ZOMBIES, UNTOTE, WIEDERGÄNGER

Aus bleicher, aufgedunsener Haut leuchteten ihm zwei blutige Augen entgegen. Lange, spitze Fingernägel näherten sich seinem Hals.

»Die Nacht des Hexers«

Zombies sind wohl die klassischen Widersacher eines jeden Geister- und Dämonenjägers, nicht zuletzt, weil sie sowohl von Schwarzmagiern als auch von Dämonen und sogar dem Teufel selbst gern als Handlanger, Erfüllungsgehilfen und Kanonenfutter missbraucht werden. Die Wortwahl impliziert bereits eine gewisse Willenlosigkeit seitens der wiederbelebten Leichname, denn um nichts anderes handelt es sich.
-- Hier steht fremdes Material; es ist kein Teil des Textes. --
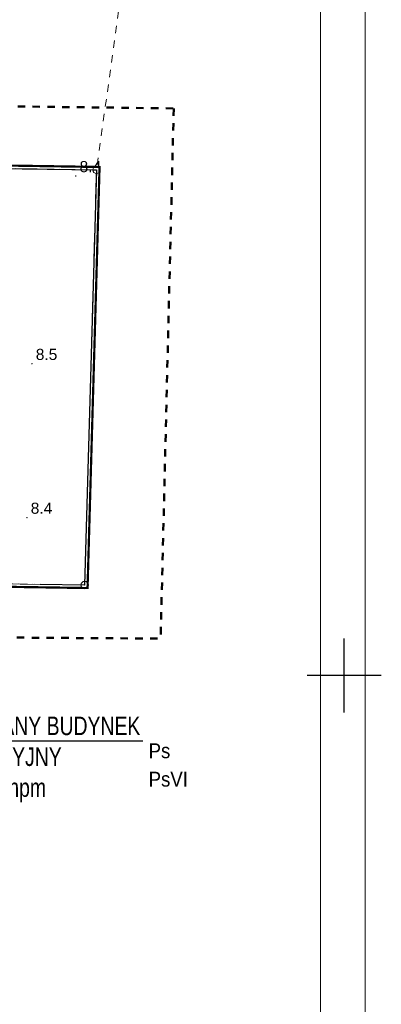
# Model space of a CAD drawing. Extents: x 5477991 to 5478238, y 5952118 to 5952269.
# Tile 9 of 10: x 5478178 to 5478202, y 5952169 to 5952235. Entities that reach past the tile are written whole.
import ezdxf

# ---------------------------------------------------------------- set-up
doc = ezdxf.new("R2010")
doc.units = 0
doc.header["$LTSCALE"] = 0.5
for name, pattern in [('1 1', [2, 1, -1]), ('EGKK', [4, 3, -1]), ('EGUG', [2, 1, -1])]:
    doc.linetypes.add(name, pattern=pattern)
doc.layers.get('0').update_dxf_attribs({"color": 251})
for name, color, linetype in [('--granica', 2, 'Continuous'), ('--OPISY', 7, 'Continuous'), ('PARSI', 7, 'Continuous'), ('Strzałka', 251, 'Continuous')]:
    doc.layers.add(name, color=color, linetype=linetype)
for name, color, linetype, lineweight in [('--tabelka rysunku', 7, 'Continuous', 0), ('EGDE', 7, 'Continuous', 20), ('EGKK', 251, 'Continuous', 20), ('EGKK_O', 251, 'Continuous', 20), ('EGPG', 251, 'Continuous', 20), ('EGPG_O', 251, 'Continuous', 20), ('EGUG', 251, 'Continuous', 20), ('EGUG_O', 251, 'Continuous', 20), ('OTRN', 251, 'Continuous', 20), ('OTRN_O', 251, 'Continuous', 18)]:
    doc.layers.add(name, color=color, linetype=linetype, lineweight=lineweight)
doc.styles.add('1-500', font='arial.ttf', dxfattribs={"width": 0.75, "height": 1.25})
doc.styles.add('BDOT', font='Arial.ttf', dxfattribs={"width": 0.8999999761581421})
doc.styles.add('EGBP', font='arial.ttf')
doc.styles.add('EGiB', font='Arial.ttf', dxfattribs={"width": 0.8999999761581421})

# ---------------------------------------------------------------- blocks, each defined once
blk = doc.blocks.new('EGPG_a')
at = {"layer": 'EGPG_O', "color": 0, "style": 'EGBP'}
blk.add_attdef('NRP', (0.9762151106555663, 0.518881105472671), '', height=1.5, dxfattribs=at)
at = {"color": 0}
blk.add_wipeout([(0.48, 0), (0.45650712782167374, 0.14832815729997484), (0.3883281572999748, 0.28213692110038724), (0.28213692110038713, 0.38832815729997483), (0.14832815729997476, 0.4565071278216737), (0, 0.48), (-0.14832815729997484, 0.4565071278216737), (-0.28213692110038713, 0.38832815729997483), (-0.3883281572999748, 0.282136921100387), (-0.45650712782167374, 0.14832815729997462), (-0.48, 0), (-0.45650712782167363, -0.14832815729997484), (-0.38832815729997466, -0.28213692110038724), (-0.282136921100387, -0.3883281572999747), (-0.14832815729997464, -0.4565071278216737), (0, -0.48), (0.14832815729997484, -0.4565071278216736), (0.28213692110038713, -0.3883281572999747), (0.3883281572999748, -0.282136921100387), (0.45650712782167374, -0.14832815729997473)], dxfattribs=at).dxf.layer = 'EGPG'
at = {"layer": 'EGPG', "color": 0, "lineweight": 18}
blk.add_circle((0, 0, 1), 0.5, dxfattribs=at)
blk = doc.blocks.new('OTRN')
at = {"layer": 'OTRN', "color": 0, "const_width": 0.09}
blk.add_lwpolyline([(-0.045, 0, 1), (0.045, 0, 1)], format="xyb", close=True, dxfattribs=at)
at = {"layer": 'OTRN_O', "color": 0, "style": 'BDOT'}
blk.add_attdef('RZEDNA', (0.5138805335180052, 0.5151789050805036), '', height=1.5, dxfattribs=at)
blk = doc.blocks.new('mzsk')
at = {"layer": 'PARSI', "color": 0}
for p, q in [((0, -5), (0, 5)), ((5, 0), (-5, 0))]:
    blk.add_line(p, q, dxfattribs=at)

msp = doc.modelspace()

# ---------------------------------------------------------------- linework, layer by layer
at = {"layer": 'EGDE', "lineweight": 18}
msp.add_lwpolyline([(5478138.643470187, 5952261.948251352), (5478135.96, 5952225.92), (5478183.22, 5952225.18), (5478182.42, 5952197.17), (5478135.06, 5952197.9), (5478134.539539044, 5952169.915929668)], dxfattribs=at)
msp.add_lwpolyline([(5478135.06, 5952197.9), (5478182.42, 5952197.17), (5478183.22, 5952225.18), (5478135.96, 5952225.92)], close=True, dxfattribs=at)
at = {"layer": 'EGKK', "linetype": 'EGKK', "lineweight": 18}
msp.add_lwpolyline([(5478135.06, 5952197.9), (5478182.42, 5952197.17), (5478183.22, 5952225.18), (5478135.96, 5952225.92)], close=True, dxfattribs=at)
at = {"layer": 'EGUG', "linetype": 'EGUG', "lineweight": 18}
msp.add_lwpolyline([(5478135.06, 5952197.9), (5478182.42, 5952197.17), (5478183.22, 5952225.18), (5478135.96, 5952225.92)], close=True, dxfattribs=at)

# ---------------------------------------------------------------- block references
at = {"layer": 'OTRN', "xscale": 0.5, "yscale": 0.5, "zscale": 0.5}
for p, values in [((5478181.82, 5952224.77, 8.442), {'RZEDNA': '8.4'}), ((5478178.86, 5952212.1, 8.46), {'RZEDNA': '8.5'}), ((5478178.52, 5952201.72, 8.365), {'RZEDNA': '8.4'})]:
    msp.add_blockref('OTRN', p, dxfattribs=at).add_auto_attribs(values)
at = {"layer": 'PARSI', "xscale": 0.5, "yscale": 0.5, "zscale": 0.5}
msp.add_blockref('mzsk', (5478199.958567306, 5952191.06674502), dxfattribs=at)

# ---------------------------------------------------------------- texts
at = {"layer": '--OPISY', "insert": (5478168.49951231, 5952188.293761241), "char_height": 1.25, "width": 27.21426009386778, "attachment_point": 1, "line_spacing_factor": 0.8, "style": '1-500'}
msp.add_mtext('\\pxsm1,;PROJEKTOWANY BUDYNEK  ADMINISTRACYJNY \\P{\\C1;%%P0,00= 8,70 m npm}', dxfattribs=at)
at = {"layer": 'EGKK_O', "insert": (5478186.74, 5952184.57), "char_height": 1, "attachment_point": 1, "style": 'EGiB'}
msp.add_mtext('PsVI', dxfattribs=at)
at = {"layer": 'EGUG_O', "insert": (5478186.74, 5952185.47), "char_height": 1, "attachment_point": 7, "style": 'EGiB'}
msp.add_mtext('Ps', dxfattribs=at)

# ---------------------------------------------------------------- next in the draw order: block references
at = {"layer": 'EGPG', "xscale": 0.5, "yscale": 0.5, "zscale": 0.5, "rotation": 360}
for p in [(5478183.22, 5952225.18), (5478182.42, 5952197.17)]:
    msp.add_blockref('EGPG_a', p, dxfattribs=at)

# ---------------------------------------------------------------- next in the draw order: linework, layer by layer
at = {"layer": '--granica', "lineweight": 40, "const_width": 0.15, "flags": 128}
msp.add_lwpolyline([(5478135.766418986, 5952226.123055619), (5478183.42570251, 5952225.376803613), (5478182.614283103, 5952196.966981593), (5478134.853574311, 5952197.703158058)], close=True, dxfattribs=at)
at = {"layer": '--OPISY'}
msp.add_lwpolyline([(5478186.358634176, 5952186.640586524), (5478167.886134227, 5952186.640586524), (5478158.626058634, 5952208.747965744)], dxfattribs=at)
at = {"layer": '--tabelka rysunku', "linetype": 'Continuous'}
for points in [[(5477991.358169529, 5952117.761236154), (5478201.358169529, 5952117.761236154), (5478201.358169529, 5952266.261236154), (5477991.358169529, 5952266.261236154)], [(5478003.358169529, 5952120.761236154), (5478198.358169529, 5952120.761236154), (5478198.358169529, 5952263.261236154), (5478003.358169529, 5952263.261236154)]]:
    msp.add_lwpolyline(points, close=True, dxfattribs=at)
for p, q in [((5478149.960178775, 5952225.700784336), (5478183.22, 5952225.18)), ((5478183.22, 5952225.18), (5478182.42, 5952197.17)), ((5478182.42, 5952197.17), (5478179.420097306, 5952197.216240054))]:
    msp.add_line(p, q)
at = {"layer": 'EGUG', "linetype": 'EGUG', "lineweight": 18}
msp.add_lwpolyline([(5478201.196816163, 5952247.221575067), (5478186.09, 5952245.8), (5478183.22, 5952225.18), (5478182.42, 5952197.17), (5478135.06, 5952197.9), (5478134.540479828, 5952169.966513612)], dxfattribs=at)
at = {"layer": 'Strzałka', "linetype": '1 1', "lineweight": 50, "flags": 128}
msp.add_lwpolyline([(5478188.434941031, 5952229.331577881), (5478187.552070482, 5952193.553666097), (5478113.250886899, 5952194.09208047), (5478113.161151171, 5952230.255579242), (5478188.434941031, 5952229.331577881), (5478188.434941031, 5952229.331577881)], dxfattribs=at)

doc.saveas('drawing.dxf')

Der Begriff ist mittlerweile so populär, dass sogar Kinder wissen, was damit gemeint ist. Selbst im Duden ist er zu finden:

Zombie , der; (afrikan. Wort) Toter, der durch Zauberei wieder zum Leben erweckt wurde [und willenloses Werkzeug des Zauberers ist].

Auch hier wird die Willenlosigkeit des Zombies als hervorstechende Eigenschaft und Alleinstellungskriterium benannt. Gleichzeitig ist es das maßgebliche Unterscheidungsmerkmal zum Vampir, abgesehen von den Ernährungsgewohnheiten selbstverständlich. Aber auch Vampire sind lebende Tote, für die Begriffe wie »Untote« oder »Wiedergänger« synonym verwendet werden. Im Gegensatz zum Zombie ist sich der Vampir jedoch stets seiner selbst bewusst und in der Lage, eigene Entscheidungen zu treffen. Fließend werden die Übergänge, sobald der Vampir an einem eklatanten Mangel an Blut leidet, denn in seiner unkontrollierten Gier nach neuem Lebenselixier kann er durchaus zombiehafte Züge annehmen.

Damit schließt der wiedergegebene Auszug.